Dataset entries
....................
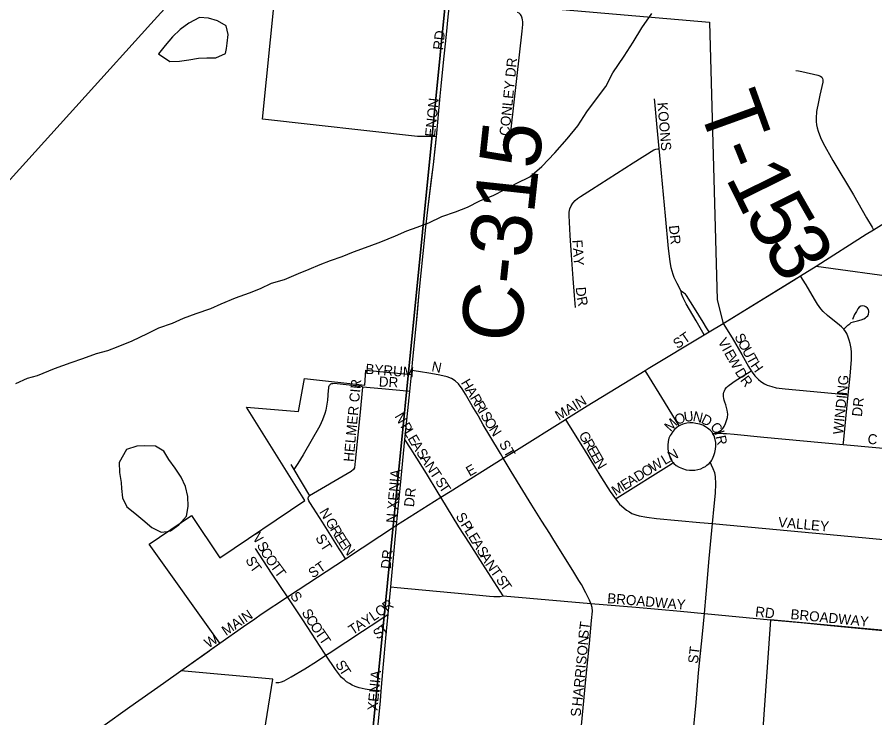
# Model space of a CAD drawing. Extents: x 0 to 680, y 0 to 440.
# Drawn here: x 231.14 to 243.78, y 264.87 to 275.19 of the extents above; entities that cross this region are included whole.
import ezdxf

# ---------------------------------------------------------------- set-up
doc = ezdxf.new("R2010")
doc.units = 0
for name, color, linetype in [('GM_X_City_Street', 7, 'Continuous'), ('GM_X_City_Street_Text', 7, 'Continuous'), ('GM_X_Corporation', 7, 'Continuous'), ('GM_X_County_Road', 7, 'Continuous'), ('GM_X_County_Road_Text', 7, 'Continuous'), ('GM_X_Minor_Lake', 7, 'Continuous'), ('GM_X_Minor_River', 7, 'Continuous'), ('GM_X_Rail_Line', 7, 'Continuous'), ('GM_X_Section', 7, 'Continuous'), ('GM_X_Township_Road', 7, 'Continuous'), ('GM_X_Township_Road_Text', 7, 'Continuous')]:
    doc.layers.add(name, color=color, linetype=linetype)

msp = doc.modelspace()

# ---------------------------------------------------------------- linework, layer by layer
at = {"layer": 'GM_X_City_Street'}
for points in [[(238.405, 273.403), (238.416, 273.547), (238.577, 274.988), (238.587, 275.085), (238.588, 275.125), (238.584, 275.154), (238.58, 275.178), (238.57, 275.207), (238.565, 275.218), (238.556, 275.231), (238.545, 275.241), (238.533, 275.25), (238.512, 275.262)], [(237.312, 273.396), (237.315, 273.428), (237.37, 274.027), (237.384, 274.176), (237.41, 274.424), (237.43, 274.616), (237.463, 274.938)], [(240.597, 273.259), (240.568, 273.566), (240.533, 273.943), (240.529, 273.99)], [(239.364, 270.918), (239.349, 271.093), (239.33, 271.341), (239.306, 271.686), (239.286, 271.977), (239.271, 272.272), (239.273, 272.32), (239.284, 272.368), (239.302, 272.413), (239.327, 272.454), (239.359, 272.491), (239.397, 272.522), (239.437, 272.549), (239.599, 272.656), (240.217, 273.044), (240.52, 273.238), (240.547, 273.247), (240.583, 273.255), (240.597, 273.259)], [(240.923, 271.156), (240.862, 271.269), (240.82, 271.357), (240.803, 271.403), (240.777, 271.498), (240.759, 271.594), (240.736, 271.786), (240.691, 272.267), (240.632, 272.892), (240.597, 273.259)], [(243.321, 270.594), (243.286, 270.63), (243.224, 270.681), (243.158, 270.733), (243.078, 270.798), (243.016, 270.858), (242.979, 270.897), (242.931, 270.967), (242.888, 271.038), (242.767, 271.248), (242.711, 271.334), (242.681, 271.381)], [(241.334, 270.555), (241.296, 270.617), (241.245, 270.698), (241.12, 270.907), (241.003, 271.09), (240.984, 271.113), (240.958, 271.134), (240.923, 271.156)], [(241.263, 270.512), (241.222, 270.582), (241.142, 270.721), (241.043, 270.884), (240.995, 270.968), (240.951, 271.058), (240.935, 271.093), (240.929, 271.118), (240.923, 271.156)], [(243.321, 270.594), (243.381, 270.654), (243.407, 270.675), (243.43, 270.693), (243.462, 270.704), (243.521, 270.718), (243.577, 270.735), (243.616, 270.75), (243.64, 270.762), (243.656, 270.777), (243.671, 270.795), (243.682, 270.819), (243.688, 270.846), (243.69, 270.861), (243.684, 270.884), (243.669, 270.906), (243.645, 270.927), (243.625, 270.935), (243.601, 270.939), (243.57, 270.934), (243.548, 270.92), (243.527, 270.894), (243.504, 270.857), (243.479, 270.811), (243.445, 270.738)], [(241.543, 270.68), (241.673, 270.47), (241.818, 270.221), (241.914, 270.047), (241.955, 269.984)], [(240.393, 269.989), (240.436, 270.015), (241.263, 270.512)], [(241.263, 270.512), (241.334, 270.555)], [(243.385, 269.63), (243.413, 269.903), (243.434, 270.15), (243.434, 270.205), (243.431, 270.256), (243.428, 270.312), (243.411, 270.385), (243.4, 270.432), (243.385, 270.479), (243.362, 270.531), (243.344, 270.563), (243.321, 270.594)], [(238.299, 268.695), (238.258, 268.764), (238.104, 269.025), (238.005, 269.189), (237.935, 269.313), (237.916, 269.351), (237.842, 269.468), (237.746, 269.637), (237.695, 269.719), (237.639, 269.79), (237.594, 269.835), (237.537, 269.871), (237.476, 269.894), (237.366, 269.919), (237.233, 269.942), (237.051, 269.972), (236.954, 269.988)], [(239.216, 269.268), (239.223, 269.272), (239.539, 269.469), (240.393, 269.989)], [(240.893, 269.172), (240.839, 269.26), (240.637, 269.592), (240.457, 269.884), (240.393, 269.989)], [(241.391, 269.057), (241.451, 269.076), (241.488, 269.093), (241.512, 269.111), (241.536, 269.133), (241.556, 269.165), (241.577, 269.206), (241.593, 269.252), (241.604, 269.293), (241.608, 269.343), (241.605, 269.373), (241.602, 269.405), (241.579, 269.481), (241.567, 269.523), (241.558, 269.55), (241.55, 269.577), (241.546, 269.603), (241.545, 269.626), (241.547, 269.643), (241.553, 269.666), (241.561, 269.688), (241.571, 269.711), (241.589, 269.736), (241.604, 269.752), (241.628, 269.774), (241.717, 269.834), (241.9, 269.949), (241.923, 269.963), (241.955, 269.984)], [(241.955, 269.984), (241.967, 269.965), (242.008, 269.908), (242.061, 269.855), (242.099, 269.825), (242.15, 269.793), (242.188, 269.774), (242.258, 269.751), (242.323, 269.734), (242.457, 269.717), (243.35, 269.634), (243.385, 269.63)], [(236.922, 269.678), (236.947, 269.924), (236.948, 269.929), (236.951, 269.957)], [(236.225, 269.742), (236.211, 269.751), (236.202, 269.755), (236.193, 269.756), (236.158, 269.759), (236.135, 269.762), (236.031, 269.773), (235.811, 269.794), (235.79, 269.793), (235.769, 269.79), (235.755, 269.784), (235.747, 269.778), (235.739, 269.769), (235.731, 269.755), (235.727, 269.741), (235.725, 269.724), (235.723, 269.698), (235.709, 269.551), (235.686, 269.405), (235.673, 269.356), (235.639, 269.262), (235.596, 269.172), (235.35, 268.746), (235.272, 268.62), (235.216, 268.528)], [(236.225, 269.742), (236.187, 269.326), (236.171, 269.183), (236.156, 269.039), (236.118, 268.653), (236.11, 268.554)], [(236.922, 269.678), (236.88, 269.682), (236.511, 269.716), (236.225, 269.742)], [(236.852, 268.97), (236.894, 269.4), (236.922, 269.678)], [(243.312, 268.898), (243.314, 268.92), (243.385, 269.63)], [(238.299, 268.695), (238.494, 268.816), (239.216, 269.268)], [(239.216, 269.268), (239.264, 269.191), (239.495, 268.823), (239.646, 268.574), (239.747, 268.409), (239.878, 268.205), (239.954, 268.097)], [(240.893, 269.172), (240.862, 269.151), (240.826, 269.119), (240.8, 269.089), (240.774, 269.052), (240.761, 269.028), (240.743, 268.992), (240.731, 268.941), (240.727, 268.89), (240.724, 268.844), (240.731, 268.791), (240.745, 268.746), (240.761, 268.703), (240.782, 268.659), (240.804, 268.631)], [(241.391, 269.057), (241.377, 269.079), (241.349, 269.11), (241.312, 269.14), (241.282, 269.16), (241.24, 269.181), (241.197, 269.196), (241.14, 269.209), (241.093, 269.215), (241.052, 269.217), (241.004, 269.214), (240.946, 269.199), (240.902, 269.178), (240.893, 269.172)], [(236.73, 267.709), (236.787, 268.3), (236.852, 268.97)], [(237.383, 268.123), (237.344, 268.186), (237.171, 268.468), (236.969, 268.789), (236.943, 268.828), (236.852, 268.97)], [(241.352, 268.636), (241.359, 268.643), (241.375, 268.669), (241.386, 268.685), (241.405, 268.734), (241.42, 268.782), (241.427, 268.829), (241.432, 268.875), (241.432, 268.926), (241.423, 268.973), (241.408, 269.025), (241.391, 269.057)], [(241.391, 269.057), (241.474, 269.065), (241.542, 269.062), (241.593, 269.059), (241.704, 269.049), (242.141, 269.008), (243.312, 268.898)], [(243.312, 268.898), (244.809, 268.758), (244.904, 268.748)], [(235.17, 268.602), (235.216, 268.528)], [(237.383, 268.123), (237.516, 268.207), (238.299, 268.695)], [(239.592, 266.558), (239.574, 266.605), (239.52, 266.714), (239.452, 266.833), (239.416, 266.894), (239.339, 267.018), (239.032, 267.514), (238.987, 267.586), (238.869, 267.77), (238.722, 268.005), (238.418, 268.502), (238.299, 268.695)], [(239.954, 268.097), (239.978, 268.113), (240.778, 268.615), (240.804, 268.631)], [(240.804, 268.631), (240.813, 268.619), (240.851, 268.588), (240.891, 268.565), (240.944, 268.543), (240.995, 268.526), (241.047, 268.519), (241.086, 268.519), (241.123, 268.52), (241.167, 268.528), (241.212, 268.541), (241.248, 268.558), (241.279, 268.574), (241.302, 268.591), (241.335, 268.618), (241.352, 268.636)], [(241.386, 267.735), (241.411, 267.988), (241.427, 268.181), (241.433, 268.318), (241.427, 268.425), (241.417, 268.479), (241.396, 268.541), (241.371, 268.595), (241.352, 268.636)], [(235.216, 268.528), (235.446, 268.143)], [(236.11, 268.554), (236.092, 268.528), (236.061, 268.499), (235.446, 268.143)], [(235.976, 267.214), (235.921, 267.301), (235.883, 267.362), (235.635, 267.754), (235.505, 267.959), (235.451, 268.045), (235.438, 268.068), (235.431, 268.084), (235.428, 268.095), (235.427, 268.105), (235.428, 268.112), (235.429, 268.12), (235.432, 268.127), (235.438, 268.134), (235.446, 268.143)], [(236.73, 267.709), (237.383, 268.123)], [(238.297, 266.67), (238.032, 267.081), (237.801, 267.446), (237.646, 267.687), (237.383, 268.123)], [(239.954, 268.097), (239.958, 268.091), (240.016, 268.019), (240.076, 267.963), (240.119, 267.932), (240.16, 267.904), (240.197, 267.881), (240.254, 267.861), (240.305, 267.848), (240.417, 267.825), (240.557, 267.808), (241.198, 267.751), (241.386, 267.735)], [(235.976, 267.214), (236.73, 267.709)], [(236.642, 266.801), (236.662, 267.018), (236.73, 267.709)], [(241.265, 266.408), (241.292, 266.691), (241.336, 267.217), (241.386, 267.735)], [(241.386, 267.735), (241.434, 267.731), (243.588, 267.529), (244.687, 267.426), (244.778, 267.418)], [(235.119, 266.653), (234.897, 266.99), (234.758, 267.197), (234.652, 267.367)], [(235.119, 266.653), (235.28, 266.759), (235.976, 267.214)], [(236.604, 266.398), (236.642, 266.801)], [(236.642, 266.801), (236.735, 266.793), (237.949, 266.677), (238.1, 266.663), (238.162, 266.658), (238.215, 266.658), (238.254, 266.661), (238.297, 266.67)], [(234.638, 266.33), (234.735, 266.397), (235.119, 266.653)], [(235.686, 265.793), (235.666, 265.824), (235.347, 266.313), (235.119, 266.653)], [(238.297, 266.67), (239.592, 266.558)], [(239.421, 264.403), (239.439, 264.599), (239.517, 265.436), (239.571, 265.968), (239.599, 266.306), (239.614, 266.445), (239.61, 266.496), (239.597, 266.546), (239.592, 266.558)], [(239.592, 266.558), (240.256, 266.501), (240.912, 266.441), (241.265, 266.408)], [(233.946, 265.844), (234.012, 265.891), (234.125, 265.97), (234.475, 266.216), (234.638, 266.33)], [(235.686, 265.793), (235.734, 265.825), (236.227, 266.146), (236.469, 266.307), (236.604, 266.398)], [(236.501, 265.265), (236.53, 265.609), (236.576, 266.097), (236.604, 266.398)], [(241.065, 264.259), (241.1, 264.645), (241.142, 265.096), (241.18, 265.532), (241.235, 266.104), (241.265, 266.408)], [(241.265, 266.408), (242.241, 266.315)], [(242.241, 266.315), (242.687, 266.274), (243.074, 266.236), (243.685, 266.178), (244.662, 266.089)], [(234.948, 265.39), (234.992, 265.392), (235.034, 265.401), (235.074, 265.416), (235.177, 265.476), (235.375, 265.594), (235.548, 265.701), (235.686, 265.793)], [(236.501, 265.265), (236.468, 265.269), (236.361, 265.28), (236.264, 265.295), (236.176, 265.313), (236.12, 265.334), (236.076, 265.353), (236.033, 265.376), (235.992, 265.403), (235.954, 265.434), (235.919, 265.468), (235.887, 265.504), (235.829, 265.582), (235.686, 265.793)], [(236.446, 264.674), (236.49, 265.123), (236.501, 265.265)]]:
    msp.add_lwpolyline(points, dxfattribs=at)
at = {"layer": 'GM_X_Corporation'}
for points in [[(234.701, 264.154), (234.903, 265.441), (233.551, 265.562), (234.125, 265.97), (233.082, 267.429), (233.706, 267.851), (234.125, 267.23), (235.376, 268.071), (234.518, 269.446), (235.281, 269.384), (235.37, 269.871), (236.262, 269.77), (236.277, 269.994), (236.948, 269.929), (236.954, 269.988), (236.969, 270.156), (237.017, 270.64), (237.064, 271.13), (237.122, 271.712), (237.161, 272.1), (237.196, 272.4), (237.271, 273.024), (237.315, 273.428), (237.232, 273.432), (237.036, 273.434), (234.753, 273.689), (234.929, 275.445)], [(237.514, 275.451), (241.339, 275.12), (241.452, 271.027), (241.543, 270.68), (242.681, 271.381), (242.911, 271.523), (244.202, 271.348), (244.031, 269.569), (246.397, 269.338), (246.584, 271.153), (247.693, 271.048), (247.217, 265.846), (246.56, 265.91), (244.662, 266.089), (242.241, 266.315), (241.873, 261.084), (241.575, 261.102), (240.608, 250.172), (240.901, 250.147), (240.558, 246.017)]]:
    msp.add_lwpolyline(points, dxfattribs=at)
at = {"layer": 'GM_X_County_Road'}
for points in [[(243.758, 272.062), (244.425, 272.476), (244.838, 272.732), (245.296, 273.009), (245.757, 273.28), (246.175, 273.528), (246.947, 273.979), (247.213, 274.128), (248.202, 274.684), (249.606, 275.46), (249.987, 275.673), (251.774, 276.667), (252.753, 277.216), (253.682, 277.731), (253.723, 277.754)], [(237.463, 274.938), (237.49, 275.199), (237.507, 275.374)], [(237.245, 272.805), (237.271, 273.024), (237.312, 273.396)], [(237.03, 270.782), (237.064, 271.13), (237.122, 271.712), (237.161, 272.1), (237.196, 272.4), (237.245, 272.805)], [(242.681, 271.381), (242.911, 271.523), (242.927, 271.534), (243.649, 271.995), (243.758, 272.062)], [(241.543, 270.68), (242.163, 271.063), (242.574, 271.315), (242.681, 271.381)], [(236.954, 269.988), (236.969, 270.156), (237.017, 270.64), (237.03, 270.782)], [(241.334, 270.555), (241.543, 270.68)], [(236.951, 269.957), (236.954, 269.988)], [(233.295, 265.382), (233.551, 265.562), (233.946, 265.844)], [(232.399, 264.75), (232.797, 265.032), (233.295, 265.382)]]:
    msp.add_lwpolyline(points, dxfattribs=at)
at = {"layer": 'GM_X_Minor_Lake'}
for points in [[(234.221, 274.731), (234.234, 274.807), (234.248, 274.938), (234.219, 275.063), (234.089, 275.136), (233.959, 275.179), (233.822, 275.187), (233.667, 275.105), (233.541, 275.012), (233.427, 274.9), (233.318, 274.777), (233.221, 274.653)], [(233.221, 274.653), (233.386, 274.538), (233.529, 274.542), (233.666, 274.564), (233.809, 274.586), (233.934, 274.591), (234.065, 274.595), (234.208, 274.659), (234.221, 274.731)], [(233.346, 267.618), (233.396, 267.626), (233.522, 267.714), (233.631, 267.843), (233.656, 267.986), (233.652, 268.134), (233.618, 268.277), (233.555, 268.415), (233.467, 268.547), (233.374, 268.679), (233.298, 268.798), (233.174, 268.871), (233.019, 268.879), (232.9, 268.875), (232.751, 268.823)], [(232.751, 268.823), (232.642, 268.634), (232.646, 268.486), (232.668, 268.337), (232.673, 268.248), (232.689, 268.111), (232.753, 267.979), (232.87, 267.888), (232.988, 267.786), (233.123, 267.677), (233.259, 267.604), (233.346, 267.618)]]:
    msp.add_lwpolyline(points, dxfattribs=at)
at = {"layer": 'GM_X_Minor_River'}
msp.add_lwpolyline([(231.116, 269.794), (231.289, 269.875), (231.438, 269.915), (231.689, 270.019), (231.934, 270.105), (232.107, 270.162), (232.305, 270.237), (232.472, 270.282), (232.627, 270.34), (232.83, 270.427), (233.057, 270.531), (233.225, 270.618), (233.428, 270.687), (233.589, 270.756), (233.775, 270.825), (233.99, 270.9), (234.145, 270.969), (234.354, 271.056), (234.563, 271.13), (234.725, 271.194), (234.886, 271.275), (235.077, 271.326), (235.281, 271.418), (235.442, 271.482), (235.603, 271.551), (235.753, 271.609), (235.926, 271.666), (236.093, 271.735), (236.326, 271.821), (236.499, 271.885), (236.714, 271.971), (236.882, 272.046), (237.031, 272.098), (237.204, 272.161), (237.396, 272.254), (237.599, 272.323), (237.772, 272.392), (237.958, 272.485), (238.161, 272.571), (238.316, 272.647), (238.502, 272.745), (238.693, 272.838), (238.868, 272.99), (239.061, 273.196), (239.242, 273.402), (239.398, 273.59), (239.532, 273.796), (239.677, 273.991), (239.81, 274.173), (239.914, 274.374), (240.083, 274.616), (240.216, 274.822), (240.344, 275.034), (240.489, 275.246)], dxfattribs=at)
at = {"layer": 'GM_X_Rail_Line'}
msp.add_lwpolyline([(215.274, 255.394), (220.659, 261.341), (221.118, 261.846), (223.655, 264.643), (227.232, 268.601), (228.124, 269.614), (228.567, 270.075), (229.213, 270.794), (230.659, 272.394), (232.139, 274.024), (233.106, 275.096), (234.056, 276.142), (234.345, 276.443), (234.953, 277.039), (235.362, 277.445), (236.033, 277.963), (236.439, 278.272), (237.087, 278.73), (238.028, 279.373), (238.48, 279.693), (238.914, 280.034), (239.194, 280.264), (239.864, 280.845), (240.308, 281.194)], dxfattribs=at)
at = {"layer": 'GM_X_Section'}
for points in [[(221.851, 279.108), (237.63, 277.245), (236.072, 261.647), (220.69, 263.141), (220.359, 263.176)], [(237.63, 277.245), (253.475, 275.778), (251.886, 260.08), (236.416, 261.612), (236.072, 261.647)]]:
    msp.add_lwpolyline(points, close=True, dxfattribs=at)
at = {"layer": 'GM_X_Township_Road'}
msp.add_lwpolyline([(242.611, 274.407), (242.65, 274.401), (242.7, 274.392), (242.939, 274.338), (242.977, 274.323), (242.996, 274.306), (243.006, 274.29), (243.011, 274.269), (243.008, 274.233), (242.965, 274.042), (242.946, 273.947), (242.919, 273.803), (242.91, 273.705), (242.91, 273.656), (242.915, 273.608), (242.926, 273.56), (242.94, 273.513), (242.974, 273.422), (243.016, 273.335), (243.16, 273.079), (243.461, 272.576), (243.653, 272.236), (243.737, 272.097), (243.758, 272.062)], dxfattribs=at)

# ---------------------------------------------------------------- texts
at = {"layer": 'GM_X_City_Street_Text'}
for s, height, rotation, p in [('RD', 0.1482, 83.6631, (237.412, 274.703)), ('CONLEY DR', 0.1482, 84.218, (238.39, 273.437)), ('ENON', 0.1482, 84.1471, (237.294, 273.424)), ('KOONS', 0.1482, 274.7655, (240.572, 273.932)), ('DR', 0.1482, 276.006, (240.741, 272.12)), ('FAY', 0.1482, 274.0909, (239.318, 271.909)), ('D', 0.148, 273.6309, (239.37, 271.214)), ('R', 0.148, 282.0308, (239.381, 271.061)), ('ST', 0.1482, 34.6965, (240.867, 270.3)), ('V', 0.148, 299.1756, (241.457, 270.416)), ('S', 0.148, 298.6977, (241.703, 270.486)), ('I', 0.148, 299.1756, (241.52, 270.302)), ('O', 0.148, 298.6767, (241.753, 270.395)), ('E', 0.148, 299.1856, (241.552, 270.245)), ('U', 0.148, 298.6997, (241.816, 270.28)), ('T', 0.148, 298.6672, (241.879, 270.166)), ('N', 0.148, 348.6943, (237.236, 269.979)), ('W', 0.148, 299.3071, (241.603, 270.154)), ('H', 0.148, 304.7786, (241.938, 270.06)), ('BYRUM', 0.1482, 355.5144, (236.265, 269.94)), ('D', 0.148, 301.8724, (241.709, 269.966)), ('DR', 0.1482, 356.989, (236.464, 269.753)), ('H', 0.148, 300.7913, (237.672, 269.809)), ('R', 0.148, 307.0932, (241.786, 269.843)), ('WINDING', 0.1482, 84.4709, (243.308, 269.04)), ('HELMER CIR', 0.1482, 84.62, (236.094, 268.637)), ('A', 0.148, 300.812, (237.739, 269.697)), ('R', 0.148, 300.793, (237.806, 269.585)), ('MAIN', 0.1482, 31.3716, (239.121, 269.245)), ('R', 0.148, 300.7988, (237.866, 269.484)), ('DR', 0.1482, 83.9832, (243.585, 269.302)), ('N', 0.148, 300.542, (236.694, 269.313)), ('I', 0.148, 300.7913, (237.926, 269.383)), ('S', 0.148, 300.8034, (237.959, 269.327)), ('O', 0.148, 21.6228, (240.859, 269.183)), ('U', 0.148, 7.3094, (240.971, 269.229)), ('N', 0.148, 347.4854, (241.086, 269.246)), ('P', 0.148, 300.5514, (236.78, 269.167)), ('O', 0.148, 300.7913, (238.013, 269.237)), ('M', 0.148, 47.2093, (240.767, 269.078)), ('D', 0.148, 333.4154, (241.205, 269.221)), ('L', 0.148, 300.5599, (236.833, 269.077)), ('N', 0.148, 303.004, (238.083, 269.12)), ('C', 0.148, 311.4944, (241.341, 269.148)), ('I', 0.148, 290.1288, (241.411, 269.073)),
....................
= WORK TO BE COMPLETED =
Scan the entries above for the word "linetype", then copy every line in which it occurs.

= ANSWER TO THIS PROBLEM =
for name, color, linetype in [('GM_X_City_Street', 7, 'Continuous'), ('GM_X_City_Street_Text', 7, 'Continuous'), ('GM_X_Corporation', 7, 'Continuous'), ('GM_X_County_Road', 7, 'Continuous'), ('GM_X_County_Road_Text', 7, 'Continuous'), ('GM_X_Minor_Lake', 7, 'Continuous'), ('GM_X_Minor_River', 7, 'Continuous'), ('GM_X_Rail_Line', 7, 'Continuous'), ('GM_X_Section', 7, 'Continuous'), ('GM_X_Township_Road', 7, 'Continuous'), ('GM_X_Township_Road_Text', 7, 'Continuous')]:
    doc.layers.add(name, color=color, linetype=linetype)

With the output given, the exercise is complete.